Based on its factual finding that Cornish never competed for the position of ME in I & C, the district court held that Cornish failed to establish a prima facie case of disparate impact. Presumably Cornish failed to meet the second and third prongs of the McDonnell test. However, under Cornish's articulation of the facts, he did apply for the job by virtue of being on the Eligible List and he was rejected.

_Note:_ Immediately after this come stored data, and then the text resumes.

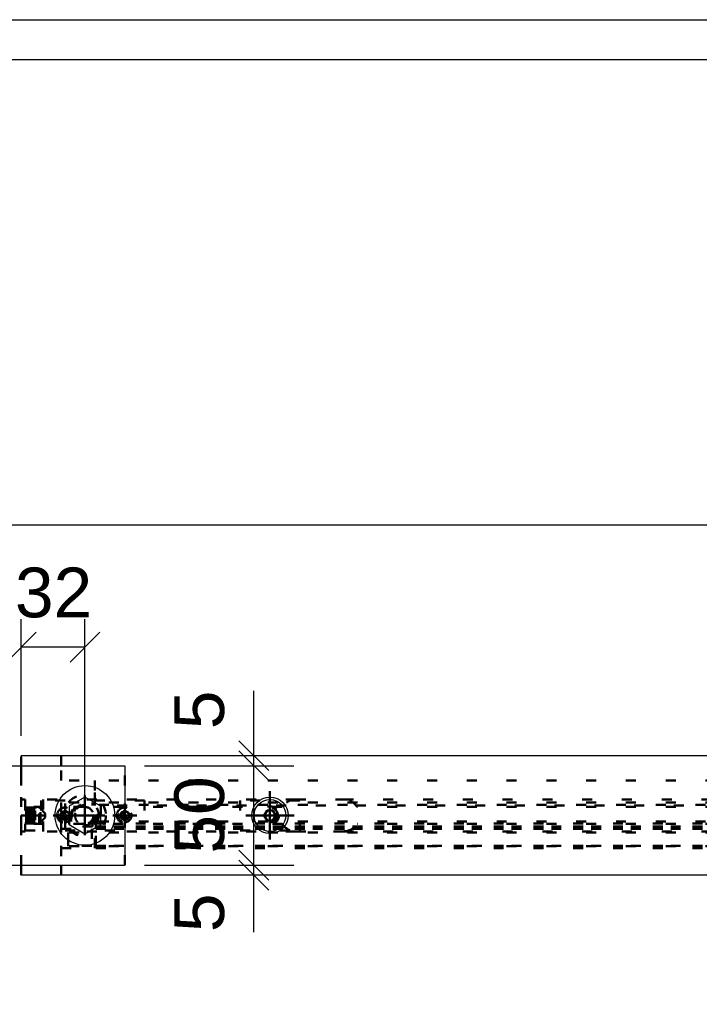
# Model space of a CAD drawing. Header units: millimetres. Extents: x -30 to 390, y -521 to -224.
# Tile 11 of 19: x 7 to 41, y -278 to -229. Entities that reach past the tile are written whole.
import ezdxf

# ---------------------------------------------------------------- set-up
doc = ezdxf.new("R2010")
doc.units = ezdxf.units.MM
doc.linetypes.add('DOT', pattern=[2, 0.5, -1.5])
doc.linetypes.add('STRICHPUNKT2', pattern=[18.5, 10, -4, 0.5, -4])
doc.layers.get('0').update_dxf_attribs({"linetype": 'CONTINUOUS'})
doc.layers.add('DIM49', color=4, linetype='CONTINUOUS')
doc.layers.add('TXT_DIM49', color=2, linetype='CONTINUOUS')
doc.layers.add('LE_ALL', color=7, linetype='CONTINUOUS', lineweight=50)
doc.styles.add('ARIAL', font='arial.ttf')

# ---------------------------------------------------------------- blocks, each defined once
blk = doc.blocks.new('DINA3_00002', base_point=(383, -513.658))
blk.add_line((-23, -230.658), (383, -230.658))
blk.add_lwpolyline([(-25, -515.658), (-25, -228.658), (385, -228.658)])
blk = doc.blocks.new('_ZBL0007_00001')
blk.add_blockref('DINA3_00002', (383, -513.658))
blk = doc.blocks.new('1017-1 Connector 90 M8 VERT_00207', base_point=(8.135, -267.893))
at = {"layer": 'LE_ALL', "color": 3, "linetype": 'DOT'}
for p, q in [((7.335, -267.893), (7.335, -269.393)), ((13.335, -267.893), (7.335, -267.893)), ((8.135, -267.893), (8.135, -269.393)), ((13.335, -267.893), (13.335, -269.393)), ((7.335, -268.243), (8.135, -268.243)), ((7.335, -269.043), (8.135, -269.043)), ((7.335, -269.393), (13.335, -269.393))]:
    blk.add_line(p, q, dxfattribs=at)
for points in [[(8.949, -268.539, 0.06585), (8.935, -268.643, 2.026238), (9.439, -268.257)], [(11.949, -268.539, 0.06585), (11.935, -268.643, 2.026238), (12.439, -268.257)]]:
    blk.add_lwpolyline(points, format="xyb", dxfattribs=at)
blk = doc.blocks.new('DIN 13-M8_00209', base_point=(7.335, -268.303))
at = {"layer": 'LE_ALL', "color": 3, "linetype": 'DOT'}
for p, q in [((7.335, -268.243), (8.135, -268.243)), ((7.335, -268.303), (8.135, -268.303)), ((7.335, -268.983), (8.135, -268.983)), ((7.335, -269.043), (8.135, -269.043))]:
    blk.add_line(p, q, dxfattribs=at)
blk = doc.blocks.new('DIN 13-M8_00208')
blk.add_blockref('DIN 13-M8_00209', (7.335, -268.303))
blk = doc.blocks.new('_00211', base_point=(7.135, -268.643))
at = {"layer": 'LE_ALL', "color": 1, "linetype": 'STRICHPUNKT2'}
for p, q in [((9.335, -268.643), (9.335, -268.043)), ((9.335, -268.643), (9.335, -268.043)), ((12.335, -268.643), (12.335, -268.043)), ((12.335, -268.643), (12.335, -268.043)), ((7.135, -268.643), (8.335, -268.643)), ((7.135, -268.643), (8.335, -268.643)), ((9.335, -268.643), (8.735, -268.643)), ((9.335, -268.643), (8.735, -268.643)), ((9.335, -268.643), (9.335, -269.243)), ((9.335, -268.643), (9.935, -268.643)), ((9.335, -268.643), (9.335, -269.243)), ((9.335, -268.643), (9.935, -268.643)), ((12.335, -268.643), (11.735, -268.643)), ((12.335, -268.643), (11.735, -268.643)), ((12.335, -268.643), (12.335, -269.243)), ((12.335, -268.643), (12.935, -268.643)), ((12.335, -268.643), (12.335, -269.243)), ((12.335, -268.643), (12.935, -268.643))]:
    blk.add_line(p, q, dxfattribs=at)
blk = doc.blocks.new('_00210')
blk.add_blockref('_00211', (7.135, -268.643))
blk = doc.blocks.new('DIN 13-M8_00213', base_point=(9.335, -268.983))
at = {"layer": 'LE_ALL', "color": 3, "linetype": 'DOT'}
for p, q in [((8.949, -268.539), (8.935, -268.643)), ((11.949, -268.539), (11.935, -268.643))]:
    blk.add_line(p, q, dxfattribs=at)
for centre in [(9.335, -268.643), (12.335, -268.643)]:
    blk.add_circle(centre, 0.34, dxfattribs=at)
for centre in [(9.335, -268.643), (12.335, -268.643)]:
    blk.add_arc(centre, 0.4, 180, 74.9299, dxfattribs=at)
blk = doc.blocks.new('DIN 13-M8_00212')
blk.add_blockref('DIN 13-M8_00213', (9.335, -268.983))
blk = doc.blocks.new('1017-1 Connector 90 M8 VERT_00206')
for name, p in [('_00210', (0, 0)), ('1017-1 Connector 90 M8 VERT_00207', (8.135, -267.893)), ('DIN 13-M8_00208', (0, 0)), ('DIN 13-M8_00212', (0, 0))]:
    blk.add_blockref(name, p)
blk = doc.blocks.new('Stelschroef met punt (ISO 4027 - DIN 914)-M8x10_00215', base_point=(7.835, -268.874))
at = {"layer": 'LE_ALL', "color": 3, "linetype": 'DOT'}
for p, q in [((7.335, -268.303), (8.095, -268.303)), ((7.835, -268.412), (7.335, -268.412)), ((7.835, -268.527), (7.335, -268.527)), ((8.095, -268.983), (8.095, -268.303)), ((8.095, -268.303), (8.335, -268.543)), ((7.835, -268.874), (7.335, -268.874))]:
    blk.add_line(p, q, dxfattribs=at)
for points in [[(7.335, -268.983), (8.095, -268.983), (8.335, -268.743), (8.335, -268.543)], [(7.835, -268.758), (7.835, -268.527), (7.835, -268.412)], [(7.835, -268.874), (7.835, -268.758), (7.335, -268.758)]]:
    blk.add_lwpolyline(points, dxfattribs=at)
blk = doc.blocks.new('GEWINDE_00217', base_point=(7.335, -268.303))
at = {"layer": 'LE_ALL', "color": 3, "linetype": 'DOT'}
for p, q in [((7.395, -268.243), (7.335, -268.303)), ((7.335, -268.303), (8.095, -268.303)), ((7.395, -268.243), (8.035, -268.243)), ((7.395, -269.043), (7.395, -268.243)), ((8.035, -269.043), (8.035, -268.243)), ((8.035, -268.243), (8.095, -268.303)), ((7.335, -268.983), (8.095, -268.983)), ((7.395, -269.043), (7.335, -268.983))]:
    blk.add_line(p, q, dxfattribs=at)
blk.add_lwpolyline([(7.395, -269.043), (8.035, -269.043), (8.095, -268.983), (8.095, -268.303)], dxfattribs=at)
blk = doc.blocks.new('GEWINDE_00216')
blk.add_blockref('GEWINDE_00217', (7.335, -268.303))
blk = doc.blocks.new('Stelschroef met punt (ISO 4027 - DIN 914)-M8x10_00214')
for name, p in [('GEWINDE_00216', (0, 0)), ('Stelschroef met punt (ISO 4027 - DIN 914)-M8x10_00215', (7.835, -268.874))]:
    blk.add_blockref(name, p)
blk = doc.blocks.new('Stelschroef met punt (ISO 4027 - DIN 914)-M8x10_00219', base_point=(9.335, -268.543))
at = {"layer": 'LE_ALL', "color": 3, "linetype": 'DOT'}
blk.add_lwpolyline([(9.335, -268.874), (9.535, -268.758), (9.535, -268.527), (9.335, -268.412), (9.135, -268.527), (9.135, -268.758)], close=True, dxfattribs=at)
blk.add_circle((9.335, -268.643), 0.1, dxfattribs=at)
blk.add_arc((9.335, -268.643), 0.34, 164.9299, 74.9299, dxfattribs=at)
blk = doc.blocks.new('GEWINDE_00221', base_point=(9.439, -268.257))
at = {"layer": 'LE_ALL', "color": 3, "linetype": 'DOT'}
blk.add_lwpolyline([(9.439, -268.257, 0.06585), (9.335, -268.243, 0.339113), (8.949, -268.539)], format="xyb", dxfattribs=at)
blk.add_arc((9.335, -268.643), 0.34, 164.9299, 74.9299, dxfattribs=at)
blk = doc.blocks.new('GEWINDE_00220')
blk.add_blockref('GEWINDE_00221', (9.439, -268.257))
blk = doc.blocks.new('Stelschroef met punt (ISO 4027 - DIN 914)-M8x10_00218')
for name, p in [('GEWINDE_00220', (0, 0)), ('Stelschroef met punt (ISO 4027 - DIN 914)-M8x10_00219', (9.335, -268.543))]:
    blk.add_blockref(name, p)
blk = doc.blocks.new('Stelschroef met punt (ISO 4027 - DIN 914)-M8x10_00223', base_point=(12.335, -268.543))
at = {"layer": 'LE_ALL', "color": 3, "linetype": 'DOT'}
blk.add_lwpolyline([(12.335, -268.874), (12.535, -268.758), (12.535, -268.527), (12.335, -268.412), (12.135, -268.527), (12.135, -268.758)], close=True, dxfattribs=at)
blk.add_circle((12.335, -268.643), 0.1, dxfattribs=at)
blk.add_arc((12.335, -268.643), 0.34, 164.9299, 74.9299, dxfattribs=at)
blk = doc.blocks.new('GEWINDE_00225', base_point=(12.439, -268.257))
at = {"layer": 'LE_ALL', "color": 3, "linetype": 'DOT'}
blk.add_lwpolyline([(12.439, -268.257, 0.06585), (12.335, -268.243, 0.339113), (11.949, -268.539)], format="xyb", dxfattribs=at)
blk.add_arc((12.335, -268.643), 0.34, 164.9299, 74.9299, dxfattribs=at)
blk = doc.blocks.new('GEWINDE_00224')
blk.add_blockref('GEWINDE_00225', (12.439, -268.257))
blk = doc.blocks.new('Stelschroef met punt (ISO 4027 - DIN 914)-M8x10_00222')
for name, p in [('GEWINDE_00224', (0, 0)), ('Stelschroef met punt (ISO 4027 - DIN 914)-M8x10_00223', (12.335, -268.543))]:
    blk.add_blockref(name, p)
blk = doc.blocks.new('Hoeklijn + montage_00205')
for name in ['1017-1 Connector 90 M8 VERT_00206', 'Stelschroef met punt (ISO 4027 - DIN 914)-M8x10_00214', 'Stelschroef met punt (ISO 4027 - DIN 914)-M8x10_00218', 'Stelschroef met punt (ISO 4027 - DIN 914)-M8x10_00222']:
    blk.add_blockref(name, (0, 0))
blk = doc.blocks.new('_00230', base_point=(9.335, -268.643))
at = {"layer": 'LE_ALL', "color": 1, "linetype": 'STRICHPUNKT2'}
for p, q in [((9.335, -268.643), (9.335, -268.043)), ((9.335, -268.643), (9.335, -268.043)), ((12.335, -268.643), (12.335, -268.043)), ((12.335, -268.643), (12.335, -268.043)), ((7.135, -268.643), (8.335, -268.643)), ((7.135, -268.643), (8.335, -268.643)), ((9.335, -268.643), (8.735, -268.643)), ((9.335, -268.643), (8.735, -268.643)), ((9.335, -268.643), (9.935, -268.643)), ((9.335, -268.643), (9.335, -269.243)), ((9.335, -268.643), (9.935, -268.643)), ((9.335, -268.643), (9.335, -269.243)), ((12.335, -268.643), (11.735, -268.643)), ((12.335, -268.643), (11.735, -268.643)), ((12.335, -268.643), (12.935, -268.643)), ((12.335, -268.643), (12.335, -269.243)), ((12.335, -268.643), (12.935, -268.643)), ((12.335, -268.643), (12.335, -269.243))]:
    blk.add_line(p, q, dxfattribs=at)
blk = doc.blocks.new('_00229')
blk.add_blockref('_00230', (9.335, -268.643))
blk = doc.blocks.new('1017-1 Connector 90 M8 VERT_00228')
blk.add_blockref('_00229', (0, 0))
blk = doc.blocks.new('Stelschroef met punt (ISO 4027 - DIN 914)-M8x10_00232', base_point=(9.335, -268.412))
at = {"layer": 'LE_ALL', "color": 3, "linetype": 'DOT'}
blk.add_line((9.135, -268.527), (9.335, -268.412), dxfattribs=at)
blk.add_lwpolyline([(9.335, -268.412), (9.535, -268.527), (9.535, -268.758), (9.335, -268.874), (9.135, -268.758)], dxfattribs=at)
blk = doc.blocks.new('Stelschroef met punt (ISO 4027 - DIN 914)-M8x10_00231')
blk.add_blockref('Stelschroef met punt (ISO 4027 - DIN 914)-M8x10_00232', (9.335, -268.412))
blk = doc.blocks.new('Stelschroef met punt (ISO 4027 - DIN 914)-M8x10_00234', base_point=(12.335, -268.412))
at = {"layer": 'LE_ALL', "color": 3, "linetype": 'DOT'}
blk.add_lwpolyline([(12.335, -268.412), (12.535, -268.527), (12.535, -268.758), (12.335, -268.874), (12.135, -268.758), (12.135, -268.527)], close=True, dxfattribs=at)
blk = doc.blocks.new('Stelschroef met punt (ISO 4027 - DIN 914)-M8x10_00233')
blk.add_blockref('Stelschroef met punt (ISO 4027 - DIN 914)-M8x10_00234', (12.335, -268.412))
blk = doc.blocks.new('Hoeklijn + montage_00226')
for name in ['1017-1 Connector 90 M8 VERT_00228', 'Stelschroef met punt (ISO 4027 - DIN 914)-M8x10_00231', 'Stelschroef met punt (ISO 4027 - DIN 914)-M8x10_00233']:
    blk.add_blockref(name, (0, 0))
blk = doc.blocks.new('Montage_00204')
for name in ['Hoeklijn + montage_00205', 'Hoeklijn + montage_00226']:
    blk.add_blockref(name, (0, 0))
blk = doc.blocks.new('_D7', base_point=(6.815, -258.688))
at = {"layer": 'DIM49', "color": 1}
for p, q in [((7.135, -264.643), (7.135, -258.788)), ((10.335, -267.643), (10.335, -258.788)), ((7.885, -259.438), (6.385, -260.938)), ((9.585, -260.938), (11.085, -259.438)), ((10.335, -260.188), (7.135, -260.188))]:
    blk.add_line(p, q, dxfattribs=at)
at = {"layer": 'TXT_DIM49', "style": 'ARIAL'}
blk.add_text('32', height=2.5, dxfattribs=at).set_placement((6.815, -258.688))
blk = doc.blocks.new('Gelaagd glas 4.4.1_ matte folie_00267', base_point=(77.535, -268.105))
at = {"layer": 'LE_ALL', "color": 3, "linetype": 'DOT'}
for p, q in [((77.535, -268.105), (9.635, -268.105)), ((9.635, -268.943), (9.635, -268.105)), ((77.535, -268.943), (77.535, -268.105)), ((77.535, -268.943), (9.635, -268.943))]:
    blk.add_line(p, q, dxfattribs=at)
blk.add_blockref('_D7', (6.815, -258.688))
blk = doc.blocks.new('Gelaagd glas 4.4.1_ matte folie_00266')
blk.add_blockref('Gelaagd glas 4.4.1_ matte folie_00267', (77.535, -268.105))
blk = doc.blocks.new('Glas_00265')
blk.add_blockref('Gelaagd glas 4.4.1_ matte folie_00266', (0, 0))
blk = doc.blocks.new('PV-SCHERM PROFIEL 60X37_00270', base_point=(20.935, -267.843))
at = {"layer": 'LE_ALL', "color": 3, "linetype": 'DOT'}
for p, q in [((78.035, -266.893), (78.035, -265.643)), ((20.935, -267.843), (23.335, -267.843)), ((78.035, -269.493), (78.035, -267.992)), ((79.835, -268.218), (79.835, -267.843)), ((79.835, -269.443), (79.835, -269.068)), ((20.935, -269.443), (23.335, -269.443)), ((77.684, -270.193), (77.684, -269.493)), ((78.035, -271.643), (78.035, -270.193))]:
    blk.add_line(p, q, dxfattribs=at)
blk.add_lwpolyline([(76.335, -268.142), (76.335, -267.992), (76.335, -266.893)], dxfattribs=at)
blk = doc.blocks.new('PV-SCHERM PROFIEL 60X37_00269')
blk.add_blockref('PV-SCHERM PROFIEL 60X37_00270', (20.935, -267.843))
blk = doc.blocks.new('PV-SCHERM PROFIEL 60X37_00272', base_point=(7.335, -268.218))
for p, q in [((7.135, -265.643), (7.135, -266.143)), ((80.035, -265.643), (7.135, -265.643)), ((80.035, -268.218), (80.035, -265.643)), ((7.135, -271.143), (7.135, -271.643)), ((80.035, -271.643), (7.135, -271.643))]:
    blk.add_line(p, q)
blk.add_lwpolyline([(80.035, -271.643), (80.035, -269.068)])
at = {"layer": 'LE_ALL', "color": 3, "linetype": 'DOT'}
for p, q in [((9.135, -266.893), (9.135, -265.643)), ((78.035, -265.643), (78.035, -266.893)), ((7.135, -266.143), (7.135, -268.218)), ((78.035, -266.893), (9.135, -266.893)), ((10.835, -267.992), (10.835, -266.893)), ((76.335, -266.893), (76.335, -267.992)), ((7.335, -268.218), (7.335, -267.843)), ((20.935, -267.843), (7.335, -267.843)), ((8.235, -267.843), (8.235, -269.443)), ((9.135, -269.493), (9.135, -267.992)), ((78.035, -267.992), (9.135, -267.992)), ((10.721, -267.992), (10.721, -268.142)), ((76.449, -268.142), (10.721, -268.142)), ((10.835, -268.142), (10.835, -267.992)), ((20.935, -267.843), (23.335, -267.843)), ((79.835, -267.843), (23.335, -267.843)), ((76.335, -267.992), (76.335, -268.142)), ((76.449, -268.142), (76.449, -267.992)), ((78.035, -267.992), (78.035, -269.493)), ((78.935, -269.443), (78.935, -267.843)), ((79.835, -267.843), (79.835, -268.218)), ((20.257, -268.218), (7.135, -268.218)), ((80.035, -268.218), (24.013, -268.218)), ((20.257, -269.068), (7.135, -269.068)), ((7.135, -269.068), (7.135, -271.143)), ((7.335, -269.443), (7.335, -269.068)), ((79.835, -269.068), (79.835, -269.443)), ((20.935, -269.443), (7.335, -269.443)), ((78.035, -269.493), (9.135, -269.493)), ((9.485, -270.193), (9.485, -269.493)), ((79.835, -269.443), (23.335, -269.443)), ((77.684, -269.493), (77.684, -270.193)), ((9.135, -271.643), (9.135, -270.193)), ((78.035, -270.193), (9.135, -270.193)), ((78.035, -270.193), (78.035, -271.643))]:
    blk.add_line(p, q, dxfattribs=at)
blk.add_lwpolyline([(80.035, -269.068), (24.013, -269.068, -0.258199), (23.335, -269.443), (20.935, -269.443, -0.258199), (20.257, -269.068)], format="xyb", dxfattribs=at)
for centre, start, end in [((20.935, -268.643), 90, 147.91), ((23.335, -268.643), 32.09, 90)]:
    blk.add_arc(centre, 0.8, start, end, dxfattribs=at)
blk = doc.blocks.new('PV-SCHERM PROFIEL 60X37_00271')
blk.add_blockref('PV-SCHERM PROFIEL 60X37_00272', (7.335, -268.218))
blk = doc.blocks.new('PV-SCHERM PROFIEL 60X37_00276', base_point=(7.335, -267.843))
at = {"layer": 'LE_ALL', "color": 3, "linetype": 'DOT'}
for p, q in [((7.135, -268.218), (7.135, -265.643)), ((9.135, -265.643), (9.135, -266.893)), ((7.335, -267.843), (7.135, -267.843)), ((7.335, -267.843), (7.335, -268.218)), ((8.235, -269.443), (8.235, -267.843)), ((9.135, -267.992), (9.135, -268.527)), ((10.721, -268.142), (10.721, -267.992)), ((7.135, -271.643), (7.135, -269.068)), ((7.335, -269.068), (7.335, -269.443)), ((9.135, -268.758), (9.135, -269.493)), ((7.335, -269.443), (7.135, -269.443)), ((9.485, -269.493), (9.485, -270.193)), ((9.135, -270.193), (9.135, -271.643))]:
    blk.add_line(p, q, dxfattribs=at)
blk.add_lwpolyline([(10.835, -266.893), (10.835, -267.992), (10.835, -268.142)], dxfattribs=at)
blk = doc.blocks.new('PV-SCHERM PROFIEL 60X37_00275')
blk.add_blockref('PV-SCHERM PROFIEL 60X37_00276', (7.335, -267.843))
blk = doc.blocks.new('GLASLAT T.B.V. PV-SCHERM_00279', base_point=(10.885, -270.174))
at = {"layer": 'LE_ALL', "color": 3, "linetype": 'DOT'}
for p, q in [((10.885, -269.193), (10.885, -269.043)), ((10.885, -269.314), (10.885, -269.193)), ((10.885, -269.314), (76.285, -269.314)), ((10.885, -270.174), (10.885, -269.314)), ((76.285, -269.314), (76.285, -270.174)), ((10.885, -270.293), (10.885, -270.174)), ((10.885, -270.293), (76.285, -270.293))]:
    blk.add_line(p, q, dxfattribs=at)
for points in [[(10.885, -269.043), (76.285, -269.043), (76.285, -269.193)], [(10.885, -269.193), (76.285, -269.193), (76.285, -269.314)], [(10.885, -270.174), (76.285, -270.174), (76.285, -270.293)]]:
    blk.add_lwpolyline(points, dxfattribs=at)
blk = doc.blocks.new('GLASLAT T.B.V. PV-SCHERM_00278')
blk.add_blockref('GLASLAT T.B.V. PV-SCHERM_00279', (10.885, -270.174))
blk = doc.blocks.new('GLASLAT T.B.V. PV-SCHERM_00281', base_point=(76.285, -269.193))
at = {"layer": 'LE_ALL', "color": 3, "linetype": 'DOT'}
for p, q in [((76.285, -269.193), (10.885, -269.193)), ((76.285, -269.314), (10.885, -269.314)), ((76.285, -270.174), (10.885, -270.174))]:
    blk.add_line(p, q, dxfattribs=at)
blk = doc.blocks.new('GLASLAT T.B.V. PV-SCHERM_00280')
blk.add_blockref('GLASLAT T.B.V. PV-SCHERM_00281', (76.285, -269.193))
blk = doc.blocks.new('GLASLAT T.B.V. PV-SCHERM_00283', base_point=(10.715, -269.043))
at = {"layer": 'LE_ALL', "color": 3, "linetype": 'DOT'}
for points in [[(10.715, -269.043), (10.715, -269.193), (9.135, -269.193)], [(9.135, -270.293), (10.835, -270.293), (10.835, -269.043), (10.715, -269.043)], [(9.135, -269.314), (10.685, -269.314), (10.685, -270.174), (9.135, -270.174), (9.135, -270.193)]]:
    blk.add_lwpolyline(points, dxfattribs=at)
blk = doc.blocks.new('GLASLAT T.B.V. PV-SCHERM_00282')
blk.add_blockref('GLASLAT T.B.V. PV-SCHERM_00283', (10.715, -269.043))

In Aikens, the Court assumed that by refusing to grant summary judgment when the plaintiff concluded his case, the district court decided that Aikens had made out a prima facie case. 460 U.S. at 714 n. 4


Unfortunately, there was little relevant testimony at trial on this issue because the witnesses were given an incorrect version of Policy Sec. 15-4, and their testimonies focussed on language that was not present in the time-relevant version of Policy Sec. 15-4 and is therefore irrelevant to Cornish's claim


Cornish is correct that DWP records did not show the use of lateral transfers, as opposed to promotions, to fill vacancies in an ME design group when the assistant group leader was reachable


For example, African-Americans comprise approximately 6% of the administrators and officials while they comprise 17-20% of DWP's workforce overall


Cornish also refers to DWP's workforce statistics for 1981-1991, which demonstrate that African-Americans are underrepresented in the top categories of jobs relative to their overall representation in the workforce. These numbers are unhelpful to Cornish's adverse impact claim because they do not describe where ME's fit in this hierarchy, nor do they indicate which category includes the qualified labor pool

Cornish also provides evidence that the three times a Super Associate was promoted to ME within his group, the individual was Caucasian. Finally, Cornish demonstrates that there were no African-American MEs at DWP prior to 1983. These statistics also do not demonstrate a disparity between the qualified labor market and the job in question.